Assigned task: Copy out every line of the records in which "Default" can be found.

Records to process:

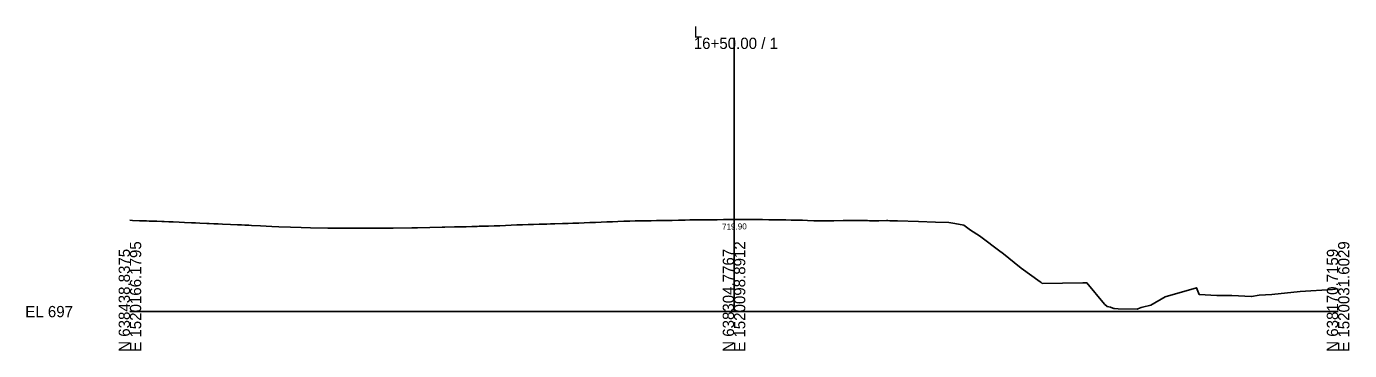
# Model space of a CAD drawing. Extents: x -26 to 3903, y -10 to 9531.
# Drawn here: x -25.7 to 302.8, y 6490.3 to 6570.9 of the extents above; entities that cross this region are included whole.
import ezdxf

# ---------------------------------------------------------------- set-up
doc = ezdxf.new("R2010")
doc.units = 0
for name, color, linetype in [('Default', 7, 'Continuous'), ('Exist Cross Section Cell', 7, 'Continuous'), ('Exist XS Center Line Elevation Label', 7, 'Continuous'), ('Exist XS Ground Line', 7, 'Continuous')]:
    doc.layers.add(name, color=color, linetype=linetype)

msp = doc.modelspace()

# ---------------------------------------------------------------- linework, layer by layer
at = {"layer": 'Exist Cross Section Cell'}
for p, q in [((150, 6500), (150, 6568.12)), ((0, 6500), (150, 6500)), ((150, 6500), (300, 6500))]:
    msp.add_line(p, q, dxfattribs=at)
at = {"layer": 'Exist XS Ground Line'}
msp.add_lwpolyline([(0, 6522.71), (0.62, 6522.68), (2.35, 6522.61), (2.67, 6522.6), (3.62, 6522.57), (4.09, 6522.54), (4.79, 6522.52), (5.14, 6522.5), (5.56, 6522.5), (5.62, 6522.5), (6.64, 6522.46), (7.92, 6522.4), (8.51, 6522.37), (9.7, 6522.33), (10.17, 6522.31), (10.72, 6522.29), (12.24, 6522.22), (13.52, 6522.16), (15.28, 6522.09), (15.97, 6522.07), (16.31, 6522.05), (17.37, 6522.01), (19.12, 6521.93), (19.68, 6521.9), (20.84, 6521.85), (21.55, 6521.82), (21.9, 6521.8), (22.98, 6521.76), (24.94, 6521.68), (26.7, 6521.6), (27.04, 6521.59), (27.2, 6521.58), (27.62, 6521.56), (27.73, 6521.55), (28.55, 6521.51), (29.53, 6521.46), (30.19, 6521.42), (32.4, 6521.32), (35.22, 6521.18), (36.97, 6521.12), (39.89, 6521), (42.56, 6520.91), (44.87, 6520.85), (49.11, 6520.77), (51.18, 6520.74), (53.58, 6520.71), (57.89, 6520.75), (60.41, 6520.73), (63.82, 6520.77), (65.39, 6520.77), (69.99, 6520.85), (71.42, 6520.87), (77.54, 6521.02), (77.58, 6521.02), (77.7, 6521.02), (78.17, 6521.03), (80.61, 6521.06), (81.17, 6521.07), (82.12, 6521.08), (83.45, 6521.11), (84.86, 6521.15), (86.26, 6521.2), (86.74, 6521.21), (87.69, 6521.24), (89.06, 6521.28), (90.47, 6521.33), (91.85, 6521.37), (93.29, 6521.42), (94.64, 6521.48), (96.05, 6521.54), (97.46, 6521.58), (98.86, 6521.63), (100.24, 6521.67), (101.64, 6521.72), (103.04, 6521.76), (103.51, 6521.77), (104.45, 6521.79), (105.54, 6521.83), (107.43, 6521.89), (107.57, 6521.89), (107.88, 6521.9), (108.82, 6521.93), (110.01, 6521.97), (111.44, 6522.03), (112.82, 6522.09), (114.23, 6522.15), (115.57, 6522.2), (117.03, 6522.24), (118.4, 6522.3), (119.83, 6522.36), (121.12, 6522.41), (122.62, 6522.46), (124.16, 6522.5), (125.42, 6522.54), (126.67, 6522.58), (128.22, 6522.61), (129.41, 6522.61), (130.74, 6522.63), (131.06, 6522.63), (131.15, 6522.64), (132.73, 6522.65), (133.45, 6522.66), (134.61, 6522.69), (136.25, 6522.74), (137.86, 6522.77), (139.04, 6522.79), (140.22, 6522.8), (141.82, 6522.81), (143.42, 6522.84), (144.61, 6522.85), (145.83, 6522.86), (147.4, 6522.88), (148.65, 6522.89), (149.73, 6522.91), (149.89, 6522.9), (150.21, 6522.9), (151.73, 6522.91), (153.03, 6522.91), (154.58, 6522.91), (155.82, 6522.89), (157.08, 6522.88), (158.61, 6522.86), (159.83, 6522.85), (160.75, 6522.84), (161.05, 6522.83), (161.39, 6522.82), (162.83, 6522.8), (164.19, 6522.77), (165.7, 6522.74), (166.55, 6522.71), (166.98, 6522.7), (168.28, 6522.65), (169.79, 6522.6), (171.28, 6522.57), (172.48, 6522.57), (173.8, 6522.6), (173.87, 6522.6), (174.4, 6522.61), (174.78, 6522.61), (177.09, 6522.62), (177.38, 6522.62), (177.55, 6522.62), (179.23, 6522.63), (180.35, 6522.63), (181.09, 6522.63), (182.61, 6522.62), (182.96, 6522.62), (183.14, 6522.62), (183.68, 6522.61), (185.94, 6522.61), (187.83, 6522.62), (188.06, 6522.62), (188.23, 6522.62), (188.68, 6522.6), (189.86, 6522.6), (190.23, 6522.6), (190.61, 6522.6), (195.78, 6522.4), (200, 6522.23), (203.33, 6522.16), (204.85, 6521.87), (207.1, 6521.51), (208.74, 6520.24), (210.97, 6518.84), (216.35, 6514.8), (216.4, 6514.76), (216.48, 6514.69), (221.27, 6510.8), (226.02, 6507.38), (226.26, 6507.21), (226.45, 6507.05), (226.5, 6507.02), (236.63, 6507.18), (237.61, 6507.14), (242.01, 6501.83), (242.64, 6501.28), (243.51, 6501.11), (243.66, 6501.02), (244.32, 6500.77), (244.46, 6500.74), (245.4, 6500.71), (250.11, 6500.63), (250.25, 6500.7), (251.11, 6500.98), (251.45, 6501.1), (253.5, 6501.61), (257.03, 6503.65), (264.87, 6505.92), (265.54, 6504.25), (269.85, 6504.01), (270.4, 6503.99), (270.7, 6503.99), (271.6, 6503.98), (273.62, 6504), (278.53, 6503.75), (280.41, 6504.07), (283.52, 6504.23), (290.61, 6504.99), (298.6, 6505.52), (300, 6505.63)], dxfattribs=at)

# ---------------------------------------------------------------- texts
at = {"layer": 'Default'}
msp.add_text('-', height=0.0001, dxfattribs=at).set_placement((0, 6500))
at = {"layer": 'Exist Cross Section Cell'}
for s, p in [('L', (140, 6568.12)), ('16+50.00 / 1', (140, 6565.32)), ('EL 697', (-26, 6498.6))]:
    msp.add_text(s, height=2.8, dxfattribs=at).set_placement(p)
for s, p in [('N 638438.8375', (0, 6490)), ('E 1520166.1795', (2.8, 6490)), ('N 638304.7767', (150, 6490)), ('E 1520098.8912', (152.8, 6490)), ('N 638170.7159', (300, 6490)), ('E 1520031.6029', (302.8, 6490))]:
    msp.add_text(s, height=2.8, rotation=90, dxfattribs=at).set_placement(p)
at = {"layer": 'Exist XS Center Line Elevation Label'}
msp.add_text('719.90', height=1.5, rotation=0.8401, dxfattribs=at).set_placement((147.04, 6520.36))

doc.saveas('drawing.dxf')
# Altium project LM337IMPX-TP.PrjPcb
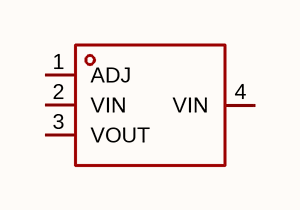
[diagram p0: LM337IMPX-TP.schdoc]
1 sheet, 1 parts. Net scope: global (net labels, ports and power ports of the same name join across sheets).

## Sheet LM337IMPX-TP.schdoc
size 127 x 101 mm

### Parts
U?  lm337impx-tp  [SOT-223_L6.5-W3.5-P2.30-LS7.0-BR]  (value not drawn)

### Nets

Not connected (* = marked no-connect by the designer): U? 1(ADJ) 2(VIN) 3(VOUT) 4(VIN)

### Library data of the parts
U? = lm337impx-tp: 输出极性:负极;工作电压:40V;输出电压:1.2V~37V;输出电流:1.5A;电源纹波抑制比(PSRR):77dB@(120Hz);输出类型:可调;; Manufacturer: TECH PUBLIC(台舟); AddInBom: yes; ModelId: 925194bf9823436183a3e0b978a8d076; ModelName: SOT-223-4P_L6.5-W3.5-H1.6-LS7.0-P2.30; ModelTransform: 279.89794,255.905,0,180,0,0,0.0005,0.0005,0; Output Configuration: 负极; Voltage - Supply: 40V; Output Current: 1.5A; Output Type: 可调; Number of Outputs: 1
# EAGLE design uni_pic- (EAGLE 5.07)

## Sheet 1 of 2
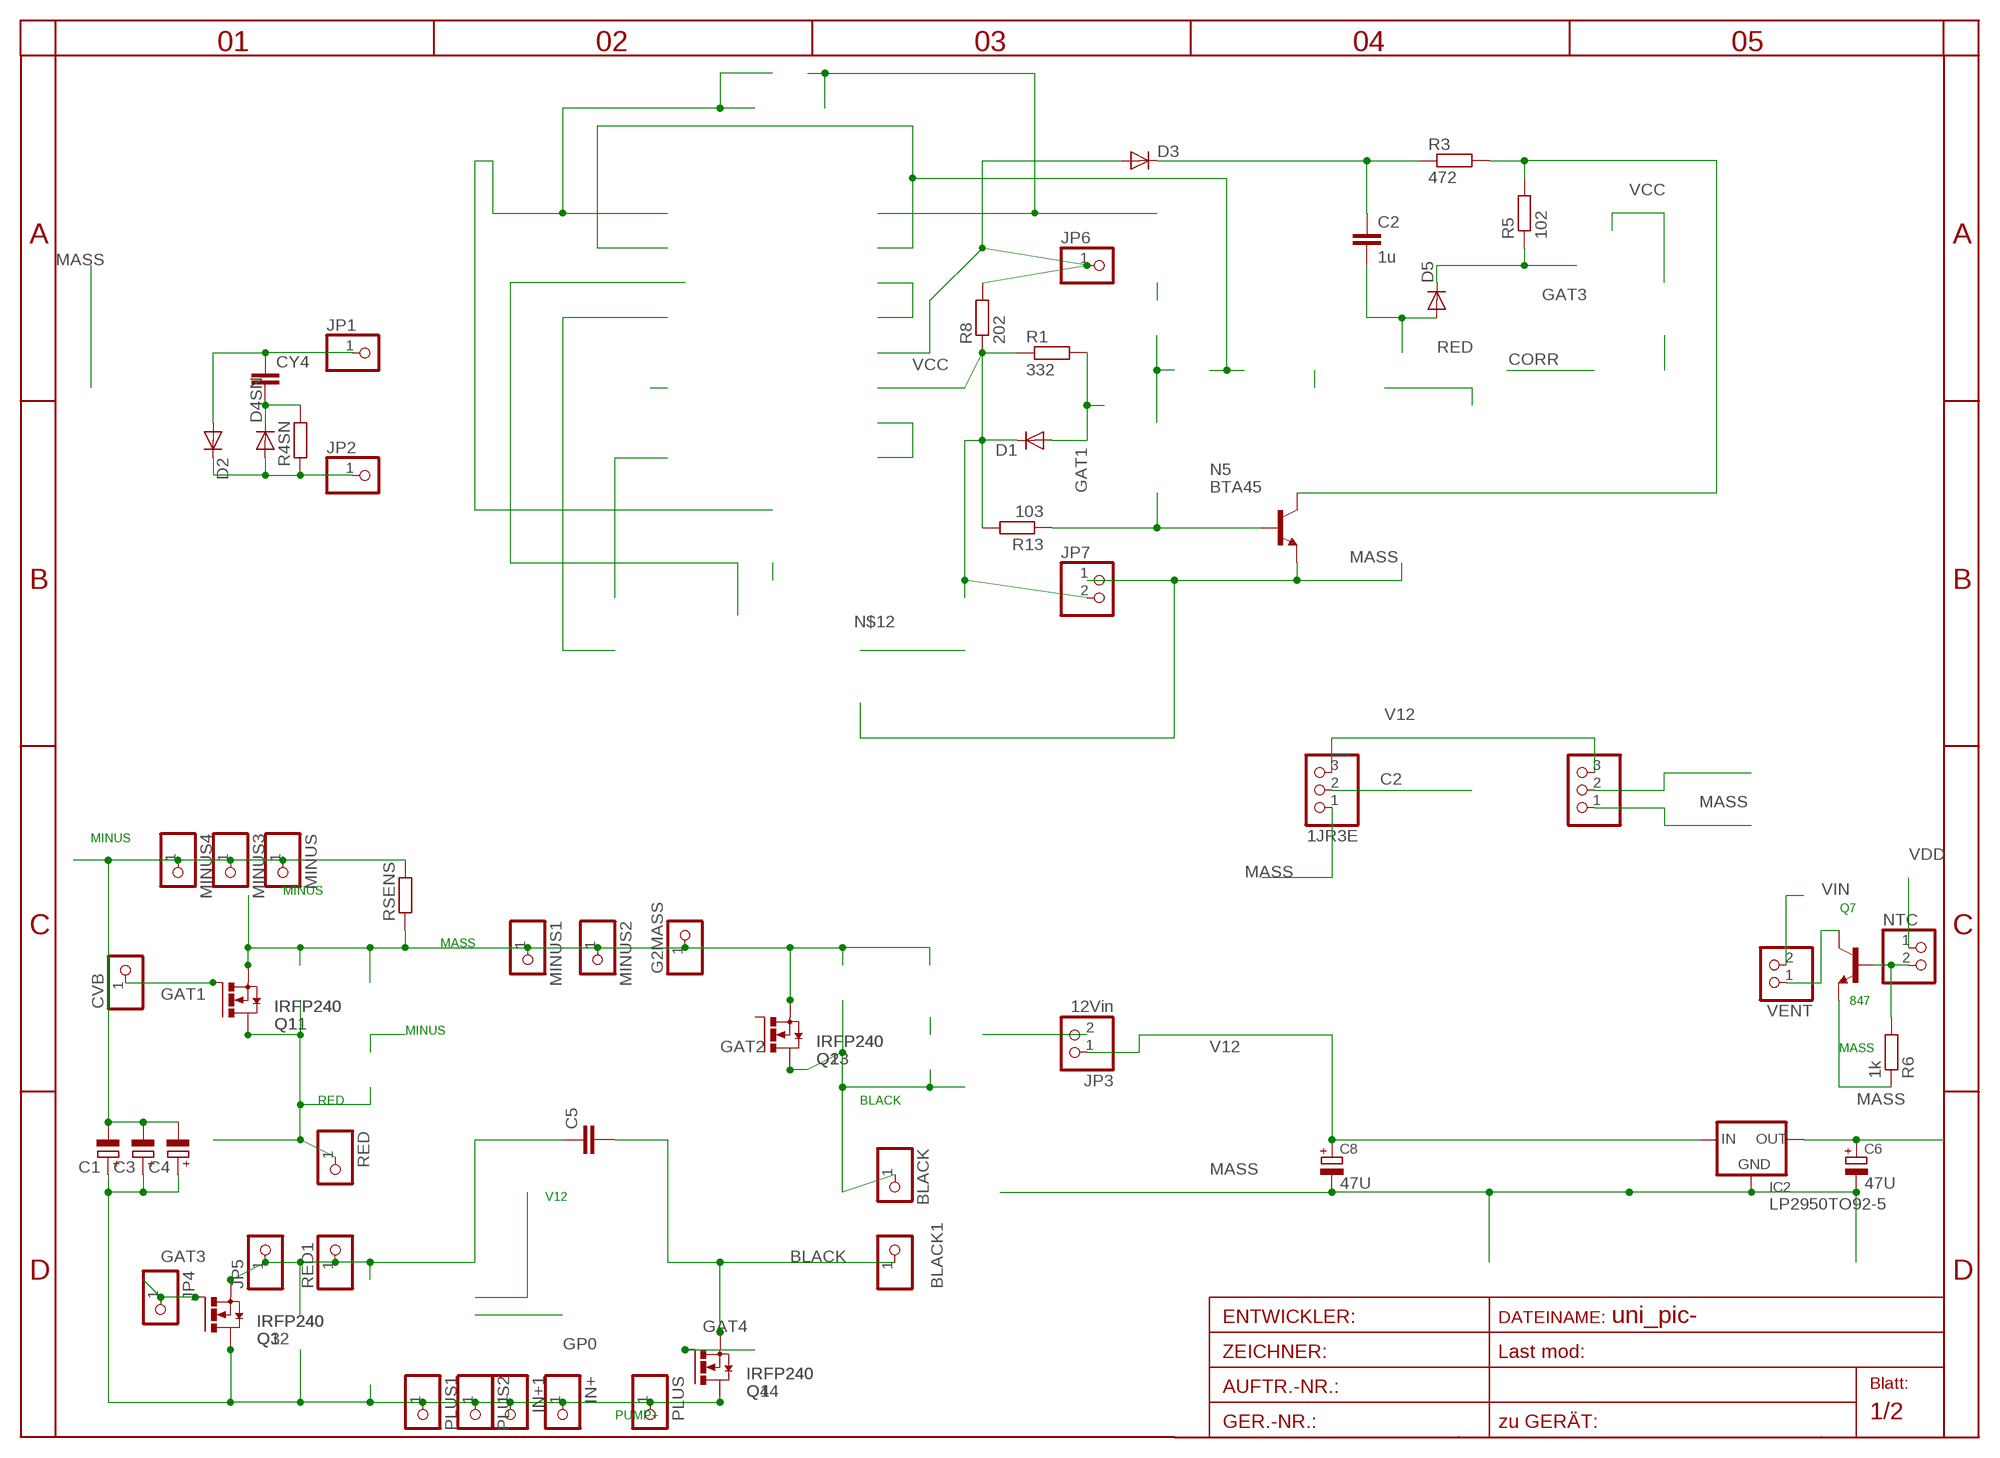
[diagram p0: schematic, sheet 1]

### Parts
1JR3E  PINHD-1X3  [1X03]
2JR4E3  PINHD-1X3  [1X03]
BLACK  PINHD-1X12MM3  [1X2MM3]
BLACK1  PINHD-1X12MM3  [1X2MM3]
C1  CPOL-EUE5-13  [E5-13]
C2  1u  C-EUC1206  [C1206]
C3  CPOL-EUE5-13  [E5-13]
C4  CPOL-EUE5-13  [E5-13]
C5  C-EU075-032X103  [C075-032X103]
C6  47U  CPOL-EUE5-6  [E5-6]
C8  47U  CPOL-EUE5-5  [E5-5]
CVB  PINHD-1X11MM0  [1X1MM0]
CY4  CXXC10B5  [XC10B5]
D1  DIODE-MINIMELF  [MINIMELF]
D2  DIODE-SMC  [SMC]
D3  DIODE-SMA-DO214  [SMA-DO214AC]
D4SN  DIODE-P1-10  [P1-10]
D5  DIODE-MINIMELF  [MINIMELF]
G2MASS  PINHD-1X11MM0  [1X1MM0]
IC2  LP2950TO92-5  [T092-5]
IN+  PINHD-1X12MM3  [1X2MM3]
IN+1  PINHD-1X12MM3  [1X2MM3]
JP1  PINHD-1X11MM0  [1X1MM0]
JP2  PINHD-1X11MM0  [1X1MM0]
JP3  12Vin  PINHD-1X2STR  [1X02]
JP4  PINHD-1X11MM0  [1X1MM0]
JP5  PINHD-1X11MM0  [1X1MM0]
JP6  PINHD-1X11X0.4  [1X01]
JP7  PINHD-1X2STR  [1X02]
MINUS  PINHD-1X12MM3  [1X2MM3]
MINUS1  PINHD-1X12MM3  [1X2MM3]
MINUS2  PINHD-1X12MM3  [1X2MM3]
MINUS3  PINHD-1X12MM3  [1X2MM3]
MINUS4  PINHD-1X12MM3  [1X2MM3]
N5  BTA45  SMBTA45HV  [SOT23HV]
NTC  PINHD-1X2STR  [1X02]
PLUS  PINHD-1X12MM3  [1X2MM3]
PLUS1  PINHD-1X12MM3  [1X2MM3]
PLUS2  PINHD-1X12MM3  [1X2MM3]
Q1  IRFP240  [TO247BV]
Q2  IRFP240  [TO247BV]
Q3  IRFP240  [TO247BV]
Q4  IRFP240  [TO247BV]
Q7  847  BC847ALT1SMD  [SOT23]
Q11  IRFP240  [TO247BV]
Q12  IRFP240  [TO247BV]
Q13  IRFP240  [TO247BV]
Q14  IRFP240  [TO247BV]
R1  332  R-EU_R0805  [R0805]
R3  472  R-EU_R0805  [R0805]
R4SN  R-EU_0207/10  [0207/10]
R5  102  R-EU_R1206  [R1206]
R6  1k  R-EU_R0805  [R0805]
R8  202  R-EU_R0805  [R0805]
R13  103  R-EU_0207/15  [0207/15]
RED  PINHD-1X12MM3  [1X2MM3]
RED1  PINHD-1X12MM3  [1X2MM3]
RSENS  R-EU_0204/7  [0204/7]
VENT  PINHD-1X2STR  [1X02]

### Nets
BLACK: BLACK1.1 BLACK.1 C5.2 Q2.D Q4.S Q13.D Q14.S
C1: 2JR4E3.2 ; also sheet 2
C2: 1JR3E.2 D1.C JP7.2 R1.1 R8.1 R13.2 ; also sheet 2
DRAIN: D2.C D4SN.A JP2.1 R4SN.1
GAT1: CVB.1 D1.A Q1.G Q11.G R1.2
GAT2: Q2.G Q13.G
GAT3: D5.C JP4.1 Q3.G Q12.G R5.1
GAT4: Q4.G Q14.G
MASS: 1JR3E.1 2JR4E3.1 C6.- C8.- G2MASS.1 IC2.2(GND) JP3.2 JP7.1 MINUS1.1 MINUS2.1 N5.2(E) Q1.S Q2.S Q7.2(E) Q11.S Q13.S R6.1 RSENS.1 ; also sheet 2
MINUS: C1.- C3.- C4.- MINUS3.1 MINUS4.1 MINUS.1 RSENS.2
N$4: C2.1 D3.K(C) R3.1
N$8: N5.3(C) R3.2 R5.2
N$9: NTC.2 Q7.1(B) R6.2
N$10: Q7.3(C) VENT.1
N$17: N5.1(B) R13.1
PUMP+: C1.+ C3.+ C4.+ IN+1.1 IN+.1 PLUS1.1 PLUS2.1 PLUS.1 Q3.D Q4.D Q12.D Q14.D ; also sheet 2
RED: C2.2 C5.1 D5.A JP5.1 Q1.D Q3.S Q11.D Q12.S RED1.1 RED.1
SNUB2: CY4.2 D4SN.C R4SN.2
SOURCE: CY4.1 D2.A JP1.1
V12: 1JR3E.3 2JR4E3.3 C8.+ IC2.3(IN) JP3.1
VCC: D3.A JP6.1 R8.2
VDD: C6.+ IC2.1(OUT) NTC.1 ; also sheet 2
VIN: VENT.2

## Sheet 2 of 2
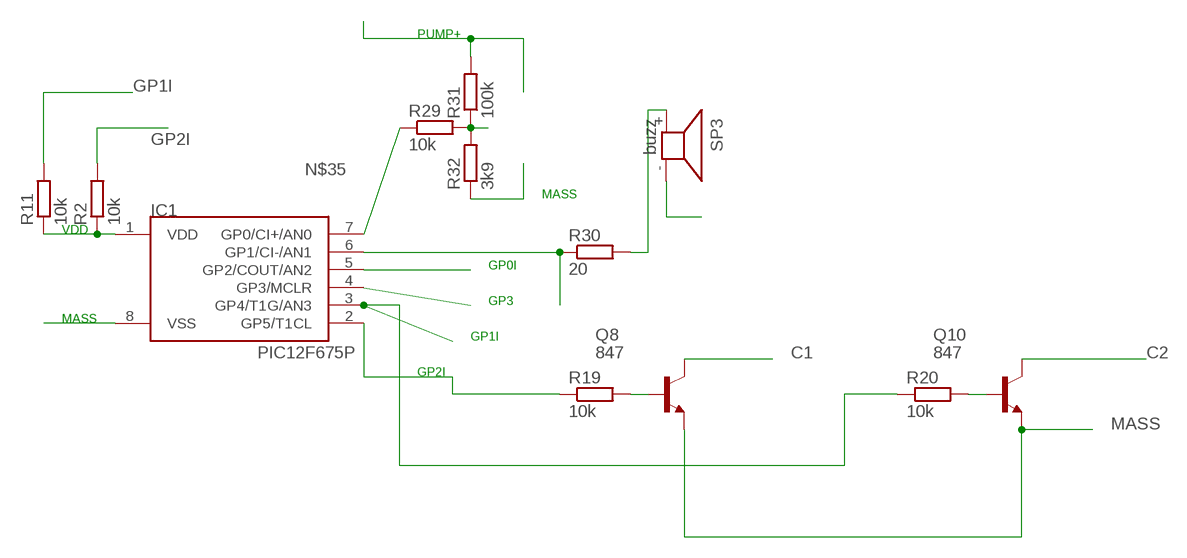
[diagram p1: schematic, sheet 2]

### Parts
IC1  PIC12F675P  [DIL8]
Q8  847  BC847ALT1SMD  [SOT23]
Q10  847  BC847ALT1SMD  [SOT23]
R2  10k  R-EU_R0805  [R0805]
R11  10k  R-EU_R0805  [R0805]
R19  10k  R-EU_R0805  [R0805]
R20  10k  R-EU_R0805  [R0805]
R29  10k  R-EU_R0805  [R0805]
R30  20  R-EU_R0805  [R0805]
R31  100k  R-EU_0207/20  [0207/20]
R32  3k9  R-EU_R0805  [R0805]
SP3  buzz  KSS12017MM  [KSS1202]

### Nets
C1: Q8.3(C) ; also sheet 1
C2: Q10.3(C) ; also sheet 1
GP0I: IC1.5(GP2/COUT/AN2)
GP1I: IC1.3(GP4/T1G/AN3) R11.2 R20.1
GP2I: IC1.2(GP5/T1CL) R2.2 R19.1
GP3: IC1.4(GP3/MCLR)
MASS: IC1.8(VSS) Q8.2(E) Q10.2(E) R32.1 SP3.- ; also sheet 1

Written solution:
for name, color, linetype in [('Default', 7, 'Continuous'), ('Exist Cross Section Cell', 7, 'Continuous'), ('Exist XS Center Line Elevation Label', 7, 'Continuous'), ('Exist XS Ground Line', 7, 'Continuous')]:
at = {"layer": 'Default'}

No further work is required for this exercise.